[Records from a data collection]
--

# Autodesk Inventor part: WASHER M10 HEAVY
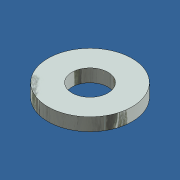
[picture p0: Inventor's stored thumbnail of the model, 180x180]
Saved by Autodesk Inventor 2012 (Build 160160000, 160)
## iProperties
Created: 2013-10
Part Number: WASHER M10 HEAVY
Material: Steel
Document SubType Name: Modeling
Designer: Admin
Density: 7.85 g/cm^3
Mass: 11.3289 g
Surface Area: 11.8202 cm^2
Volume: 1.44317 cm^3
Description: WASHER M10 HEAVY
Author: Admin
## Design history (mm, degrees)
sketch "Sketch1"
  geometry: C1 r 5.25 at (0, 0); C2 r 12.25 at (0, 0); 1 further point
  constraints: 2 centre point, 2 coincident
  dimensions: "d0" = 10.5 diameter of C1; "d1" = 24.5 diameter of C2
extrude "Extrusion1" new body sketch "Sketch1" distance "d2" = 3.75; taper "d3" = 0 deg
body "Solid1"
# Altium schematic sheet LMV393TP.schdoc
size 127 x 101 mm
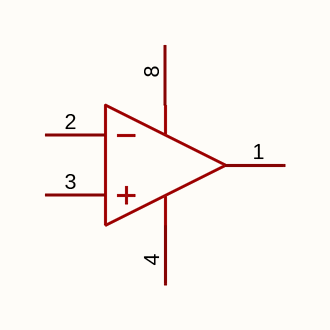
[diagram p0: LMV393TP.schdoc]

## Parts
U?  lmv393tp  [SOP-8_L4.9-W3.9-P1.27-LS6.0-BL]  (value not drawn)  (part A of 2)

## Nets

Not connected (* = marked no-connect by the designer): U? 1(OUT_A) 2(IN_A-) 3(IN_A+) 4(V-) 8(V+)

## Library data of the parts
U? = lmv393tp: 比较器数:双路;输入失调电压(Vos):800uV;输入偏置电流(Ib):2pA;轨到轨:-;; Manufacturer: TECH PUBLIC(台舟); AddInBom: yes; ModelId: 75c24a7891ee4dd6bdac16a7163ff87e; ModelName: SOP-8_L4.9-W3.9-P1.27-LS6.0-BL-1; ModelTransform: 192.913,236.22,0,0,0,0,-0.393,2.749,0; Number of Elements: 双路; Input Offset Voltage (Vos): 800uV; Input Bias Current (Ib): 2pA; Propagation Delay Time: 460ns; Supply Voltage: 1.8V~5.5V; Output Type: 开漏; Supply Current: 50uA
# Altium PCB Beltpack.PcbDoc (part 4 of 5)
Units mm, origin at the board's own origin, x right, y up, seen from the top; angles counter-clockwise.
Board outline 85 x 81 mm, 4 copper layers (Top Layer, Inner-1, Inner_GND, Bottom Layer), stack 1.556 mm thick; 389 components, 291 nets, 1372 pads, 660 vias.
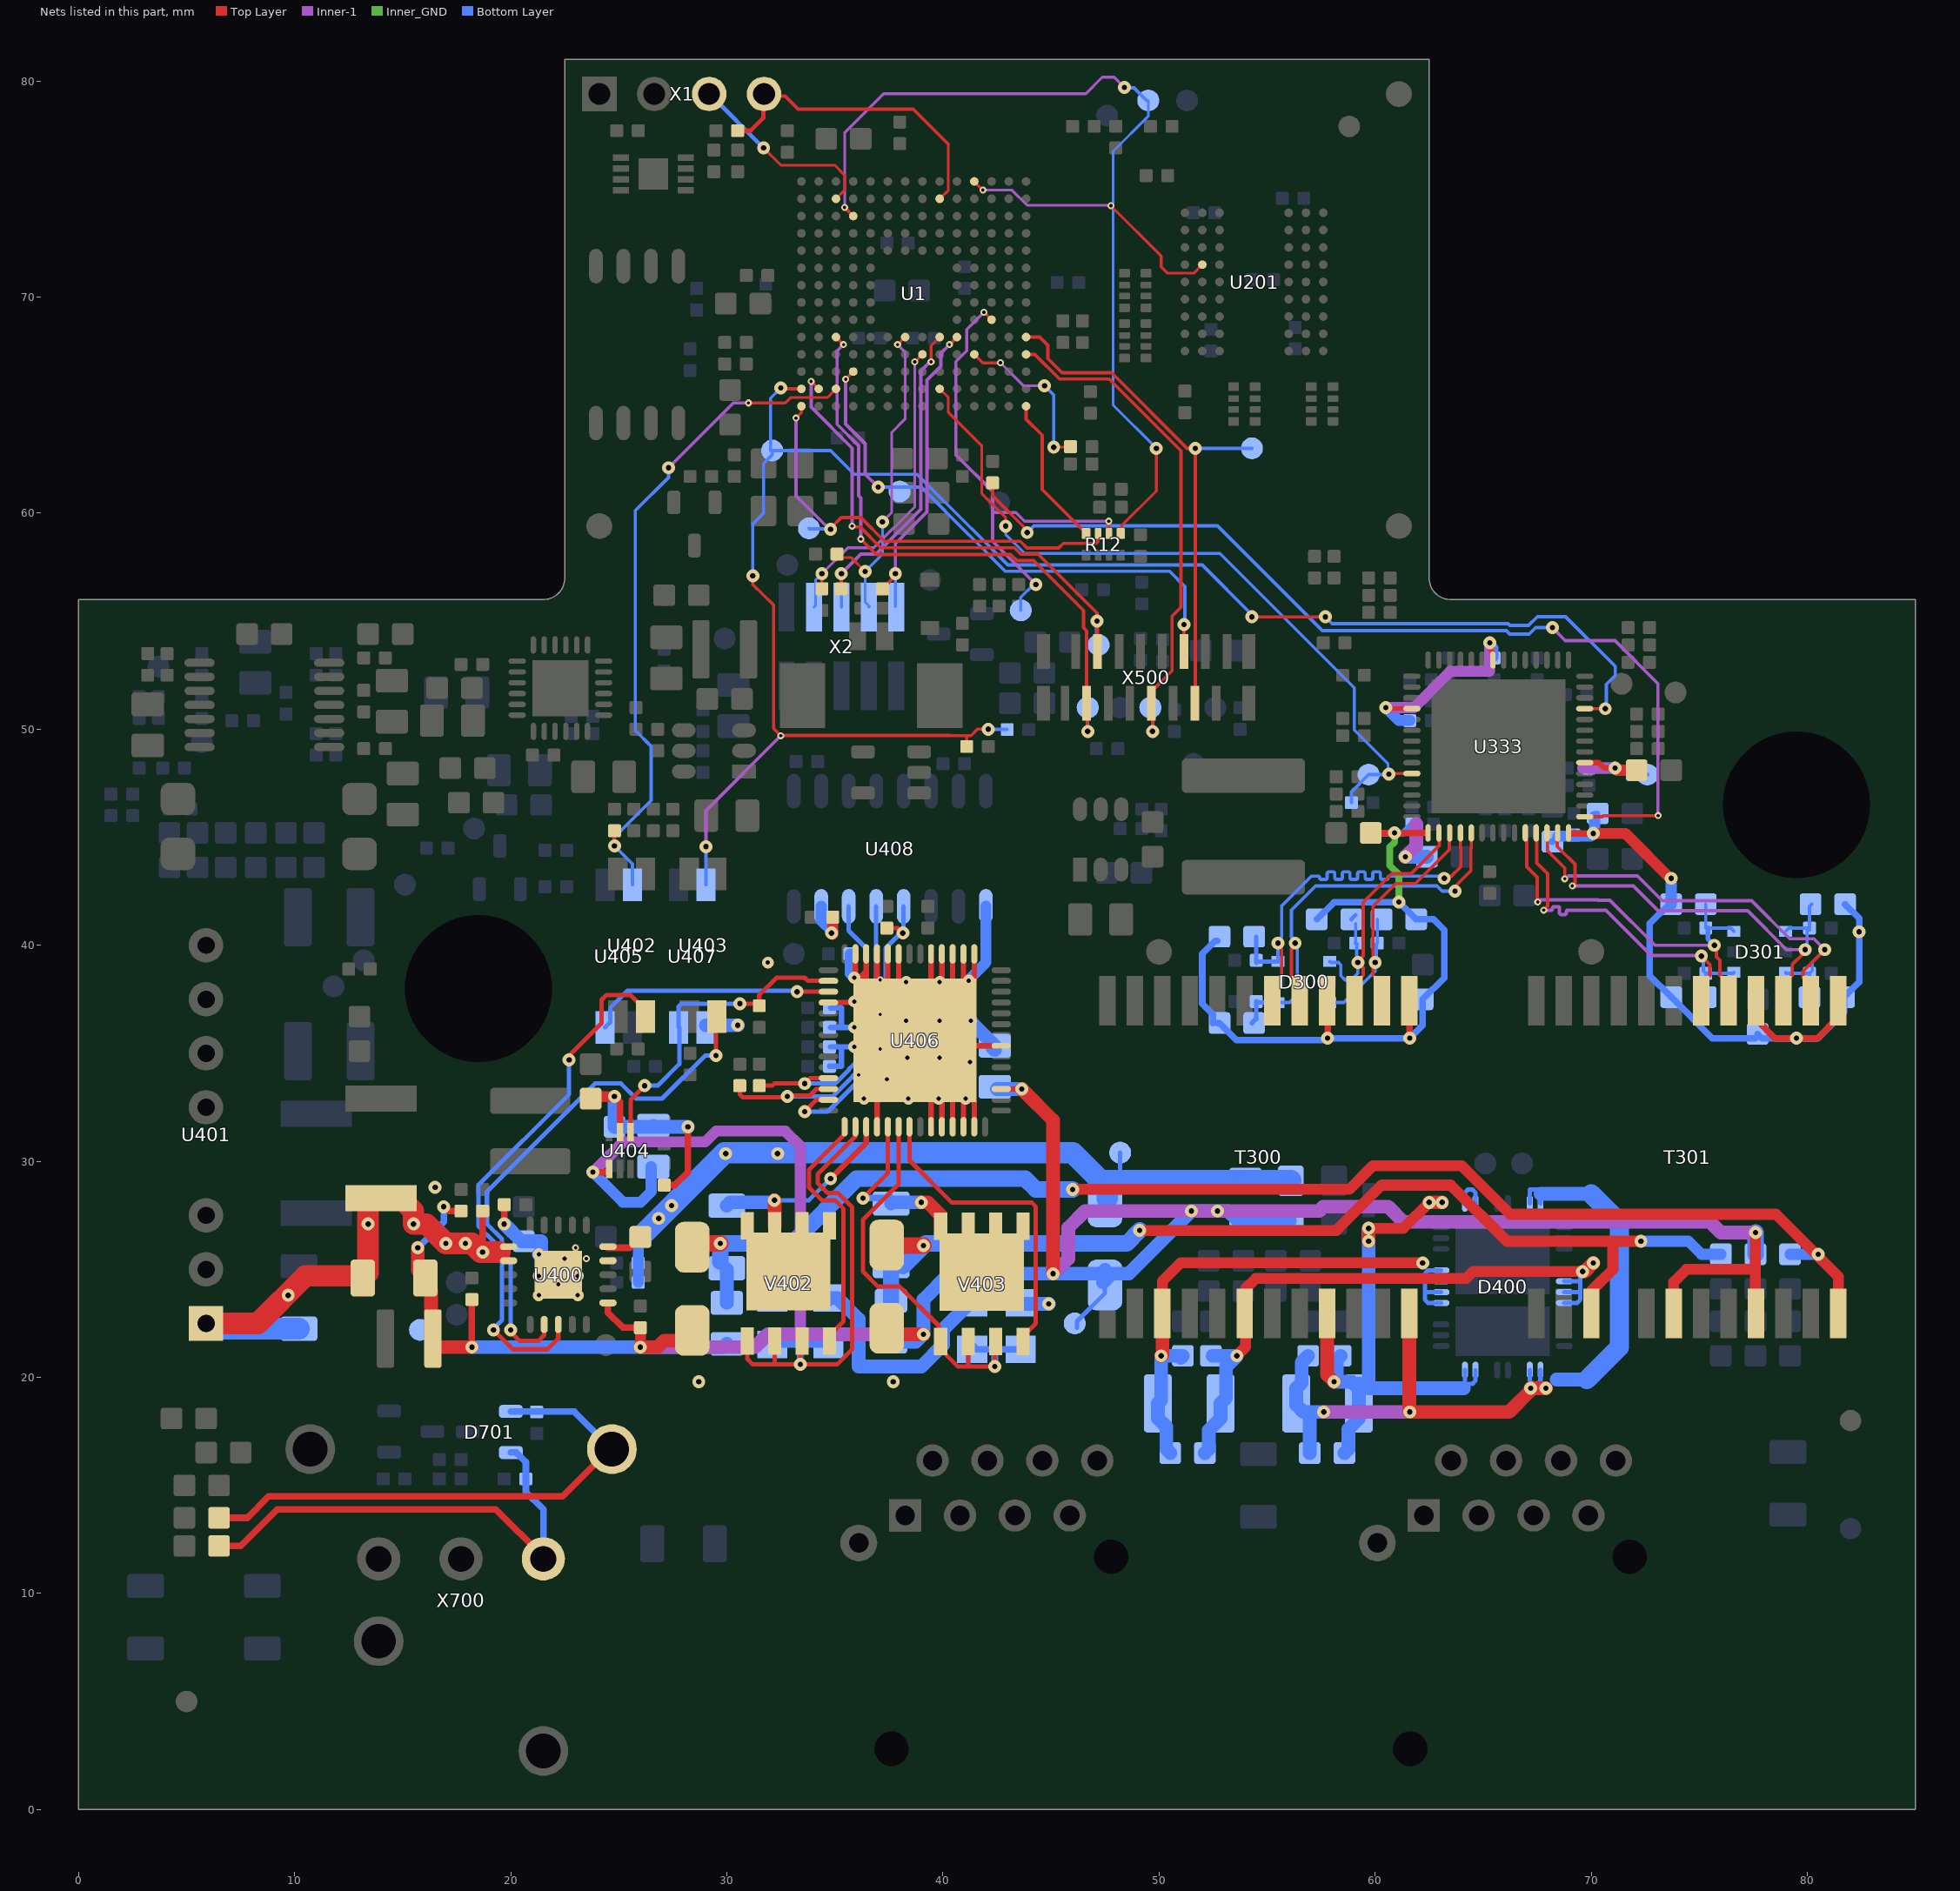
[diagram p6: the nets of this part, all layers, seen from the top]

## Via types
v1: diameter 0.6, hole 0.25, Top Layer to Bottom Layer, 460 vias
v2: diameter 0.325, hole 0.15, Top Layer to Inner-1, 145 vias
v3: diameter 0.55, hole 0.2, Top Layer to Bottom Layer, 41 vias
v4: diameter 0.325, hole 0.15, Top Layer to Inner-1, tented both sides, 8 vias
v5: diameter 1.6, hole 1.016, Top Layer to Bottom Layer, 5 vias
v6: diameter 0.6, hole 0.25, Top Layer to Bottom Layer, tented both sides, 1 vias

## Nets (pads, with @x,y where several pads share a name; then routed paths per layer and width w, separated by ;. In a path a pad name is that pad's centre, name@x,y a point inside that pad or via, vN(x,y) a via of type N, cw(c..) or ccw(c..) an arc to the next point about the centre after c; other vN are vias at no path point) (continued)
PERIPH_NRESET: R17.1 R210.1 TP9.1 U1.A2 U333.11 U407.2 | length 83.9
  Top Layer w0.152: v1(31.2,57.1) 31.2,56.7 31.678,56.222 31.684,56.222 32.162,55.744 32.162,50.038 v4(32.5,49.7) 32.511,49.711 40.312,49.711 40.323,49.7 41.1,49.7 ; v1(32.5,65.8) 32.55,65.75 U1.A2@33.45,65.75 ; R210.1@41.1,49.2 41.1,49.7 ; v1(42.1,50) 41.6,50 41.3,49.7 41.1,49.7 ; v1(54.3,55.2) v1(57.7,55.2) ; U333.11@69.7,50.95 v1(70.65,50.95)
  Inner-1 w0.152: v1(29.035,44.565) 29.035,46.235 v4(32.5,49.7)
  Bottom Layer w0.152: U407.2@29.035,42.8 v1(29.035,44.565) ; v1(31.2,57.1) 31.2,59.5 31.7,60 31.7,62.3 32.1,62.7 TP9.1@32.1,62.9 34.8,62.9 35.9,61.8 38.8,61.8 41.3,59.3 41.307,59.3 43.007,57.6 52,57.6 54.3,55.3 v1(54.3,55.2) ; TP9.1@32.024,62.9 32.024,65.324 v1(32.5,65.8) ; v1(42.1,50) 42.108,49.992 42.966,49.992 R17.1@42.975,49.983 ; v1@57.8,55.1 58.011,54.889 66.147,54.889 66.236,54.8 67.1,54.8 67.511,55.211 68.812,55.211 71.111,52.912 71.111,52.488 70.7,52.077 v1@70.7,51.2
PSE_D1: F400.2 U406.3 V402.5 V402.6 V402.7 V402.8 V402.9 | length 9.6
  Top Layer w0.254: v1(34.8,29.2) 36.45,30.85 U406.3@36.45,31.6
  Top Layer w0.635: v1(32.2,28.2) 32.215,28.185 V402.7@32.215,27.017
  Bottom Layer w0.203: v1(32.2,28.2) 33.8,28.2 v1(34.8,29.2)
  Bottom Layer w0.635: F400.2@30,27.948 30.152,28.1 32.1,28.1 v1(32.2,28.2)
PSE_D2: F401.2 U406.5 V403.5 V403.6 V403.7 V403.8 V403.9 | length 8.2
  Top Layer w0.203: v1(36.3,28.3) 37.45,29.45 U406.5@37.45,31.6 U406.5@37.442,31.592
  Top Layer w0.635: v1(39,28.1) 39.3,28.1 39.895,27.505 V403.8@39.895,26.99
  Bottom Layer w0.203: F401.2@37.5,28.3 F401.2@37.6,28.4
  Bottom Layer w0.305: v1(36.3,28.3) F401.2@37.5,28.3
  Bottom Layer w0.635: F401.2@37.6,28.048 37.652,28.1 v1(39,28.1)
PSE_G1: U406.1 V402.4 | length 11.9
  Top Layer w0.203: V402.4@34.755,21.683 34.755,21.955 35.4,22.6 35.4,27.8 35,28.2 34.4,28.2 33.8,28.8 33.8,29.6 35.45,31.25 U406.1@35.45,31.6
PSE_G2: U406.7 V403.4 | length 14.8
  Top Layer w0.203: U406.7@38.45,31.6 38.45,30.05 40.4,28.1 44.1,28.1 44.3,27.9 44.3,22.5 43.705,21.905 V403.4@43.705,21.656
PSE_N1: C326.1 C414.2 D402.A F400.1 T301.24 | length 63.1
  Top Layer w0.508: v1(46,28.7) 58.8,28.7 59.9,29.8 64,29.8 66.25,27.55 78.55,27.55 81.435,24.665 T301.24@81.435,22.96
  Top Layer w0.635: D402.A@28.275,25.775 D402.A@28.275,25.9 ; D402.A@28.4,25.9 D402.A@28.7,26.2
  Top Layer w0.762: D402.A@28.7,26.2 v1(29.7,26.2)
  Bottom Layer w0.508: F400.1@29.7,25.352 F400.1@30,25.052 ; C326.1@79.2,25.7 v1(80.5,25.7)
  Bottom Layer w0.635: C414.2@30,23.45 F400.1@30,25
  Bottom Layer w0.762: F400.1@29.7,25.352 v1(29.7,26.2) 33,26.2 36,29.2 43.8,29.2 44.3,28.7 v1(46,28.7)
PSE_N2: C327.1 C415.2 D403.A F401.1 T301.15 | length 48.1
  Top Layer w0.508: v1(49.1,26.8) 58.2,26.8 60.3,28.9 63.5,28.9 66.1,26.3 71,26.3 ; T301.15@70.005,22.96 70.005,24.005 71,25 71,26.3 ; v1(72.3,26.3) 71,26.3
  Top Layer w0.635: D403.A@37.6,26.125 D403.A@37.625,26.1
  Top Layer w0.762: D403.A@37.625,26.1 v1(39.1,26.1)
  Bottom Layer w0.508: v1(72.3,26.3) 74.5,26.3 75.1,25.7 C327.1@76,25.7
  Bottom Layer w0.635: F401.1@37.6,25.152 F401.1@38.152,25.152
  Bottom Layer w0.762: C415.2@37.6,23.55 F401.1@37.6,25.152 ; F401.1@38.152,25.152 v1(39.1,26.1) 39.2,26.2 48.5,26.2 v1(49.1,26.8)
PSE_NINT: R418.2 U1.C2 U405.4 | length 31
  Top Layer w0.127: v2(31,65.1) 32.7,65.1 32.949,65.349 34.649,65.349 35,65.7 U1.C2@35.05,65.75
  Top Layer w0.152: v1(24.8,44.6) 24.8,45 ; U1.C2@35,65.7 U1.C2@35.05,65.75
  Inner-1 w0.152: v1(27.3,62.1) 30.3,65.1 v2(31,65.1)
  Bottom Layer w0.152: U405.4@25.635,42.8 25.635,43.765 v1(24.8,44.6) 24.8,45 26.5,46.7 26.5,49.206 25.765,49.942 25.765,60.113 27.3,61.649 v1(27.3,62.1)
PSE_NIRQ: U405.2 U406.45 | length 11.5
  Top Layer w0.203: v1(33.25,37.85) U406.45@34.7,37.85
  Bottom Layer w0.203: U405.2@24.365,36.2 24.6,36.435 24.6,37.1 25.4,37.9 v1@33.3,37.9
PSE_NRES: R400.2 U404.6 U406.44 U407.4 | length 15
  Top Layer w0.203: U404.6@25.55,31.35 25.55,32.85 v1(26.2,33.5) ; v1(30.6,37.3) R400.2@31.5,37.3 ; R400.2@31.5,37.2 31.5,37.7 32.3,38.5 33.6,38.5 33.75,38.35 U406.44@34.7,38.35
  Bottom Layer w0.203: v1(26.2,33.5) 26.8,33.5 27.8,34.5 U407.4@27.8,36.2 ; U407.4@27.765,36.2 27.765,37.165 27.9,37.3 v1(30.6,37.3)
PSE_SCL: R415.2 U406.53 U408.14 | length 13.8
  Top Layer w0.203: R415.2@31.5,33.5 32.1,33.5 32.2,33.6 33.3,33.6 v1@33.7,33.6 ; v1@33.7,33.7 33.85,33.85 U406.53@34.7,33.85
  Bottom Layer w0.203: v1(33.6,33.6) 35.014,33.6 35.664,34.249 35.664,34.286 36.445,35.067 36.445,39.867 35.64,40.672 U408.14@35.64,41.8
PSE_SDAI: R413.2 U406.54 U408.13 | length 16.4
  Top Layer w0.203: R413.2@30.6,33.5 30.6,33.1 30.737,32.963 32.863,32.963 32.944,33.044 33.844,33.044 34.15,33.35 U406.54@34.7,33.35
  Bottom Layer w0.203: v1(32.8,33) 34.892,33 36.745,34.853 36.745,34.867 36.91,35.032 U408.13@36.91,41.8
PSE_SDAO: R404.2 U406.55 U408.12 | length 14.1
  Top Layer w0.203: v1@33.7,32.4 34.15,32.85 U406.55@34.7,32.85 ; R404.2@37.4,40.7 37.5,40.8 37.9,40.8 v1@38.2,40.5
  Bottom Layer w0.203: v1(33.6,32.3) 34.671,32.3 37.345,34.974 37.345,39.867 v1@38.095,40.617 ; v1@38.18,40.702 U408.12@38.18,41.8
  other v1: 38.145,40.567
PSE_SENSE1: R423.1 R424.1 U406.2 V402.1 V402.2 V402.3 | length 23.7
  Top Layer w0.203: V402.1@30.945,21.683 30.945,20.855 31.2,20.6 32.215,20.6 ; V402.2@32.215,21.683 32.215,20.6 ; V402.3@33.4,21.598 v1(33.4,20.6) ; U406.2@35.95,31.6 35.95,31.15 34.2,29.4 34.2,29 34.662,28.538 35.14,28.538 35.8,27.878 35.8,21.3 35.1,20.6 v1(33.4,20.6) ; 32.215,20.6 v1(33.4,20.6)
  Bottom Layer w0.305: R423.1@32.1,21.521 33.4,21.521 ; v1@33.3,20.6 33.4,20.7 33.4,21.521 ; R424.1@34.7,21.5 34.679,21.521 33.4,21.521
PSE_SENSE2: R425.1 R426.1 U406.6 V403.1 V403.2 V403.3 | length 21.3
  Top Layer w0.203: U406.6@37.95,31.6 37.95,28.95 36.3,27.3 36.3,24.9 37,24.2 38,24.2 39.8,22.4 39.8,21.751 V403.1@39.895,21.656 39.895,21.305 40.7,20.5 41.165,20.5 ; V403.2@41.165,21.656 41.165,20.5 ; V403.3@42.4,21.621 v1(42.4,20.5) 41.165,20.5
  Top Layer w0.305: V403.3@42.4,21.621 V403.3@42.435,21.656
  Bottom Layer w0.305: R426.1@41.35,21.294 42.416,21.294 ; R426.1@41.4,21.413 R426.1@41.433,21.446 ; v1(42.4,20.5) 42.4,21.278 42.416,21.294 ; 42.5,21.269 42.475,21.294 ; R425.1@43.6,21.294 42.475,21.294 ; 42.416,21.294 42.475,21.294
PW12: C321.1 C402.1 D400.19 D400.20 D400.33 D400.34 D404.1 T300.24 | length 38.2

--

Task details => Copy out the range of lines above starting at the line with "Top Layer w0.203: U406.7@38.45,31.6" and ending at the line with "Top Layer w0.508: v1(49.1,26.8)", exactly and including both.

Response =>
  Top Layer w0.203: U406.7@38.45,31.6 38.45,30.05 40.4,28.1 44.1,28.1 44.3,27.9 44.3,22.5 43.705,21.905 V403.4@43.705,21.656
PSE_N1: C326.1 C414.2 D402.A F400.1 T301.24 | length 63.1
  Top Layer w0.508: v1(46,28.7) 58.8,28.7 59.9,29.8 64,29.8 66.25,27.55 78.55,27.55 81.435,24.665 T301.24@81.435,22.96
  Top Layer w0.635: D402.A@28.275,25.775 D402.A@28.275,25.9 ; D402.A@28.4,25.9 D402.A@28.7,26.2
  Top Layer w0.762: D402.A@28.7,26.2 v1(29.7,26.2)
  Bottom Layer w0.508: F400.1@29.7,25.352 F400.1@30,25.052 ; C326.1@79.2,25.7 v1(80.5,25.7)
  Bottom Layer w0.635: C414.2@30,23.45 F400.1@30,25
  Bottom Layer w0.762: F400.1@29.7,25.352 v1(29.7,26.2) 33,26.2 36,29.2 43.8,29.2 44.3,28.7 v1(46,28.7)
PSE_N2: C327.1 C415.2 D403.A F401.1 T301.15 | length 48.1
  Top Layer w0.508: v1(49.1,26.8) 58.2,26.8 60.3,28.9 63.5,28.9 66.1,26.3 71,26.3 ; T301.15@70.005,22.96 70.005,24.005 71,25 71,26.3 ; v1(72.3,26.3) 71,26.3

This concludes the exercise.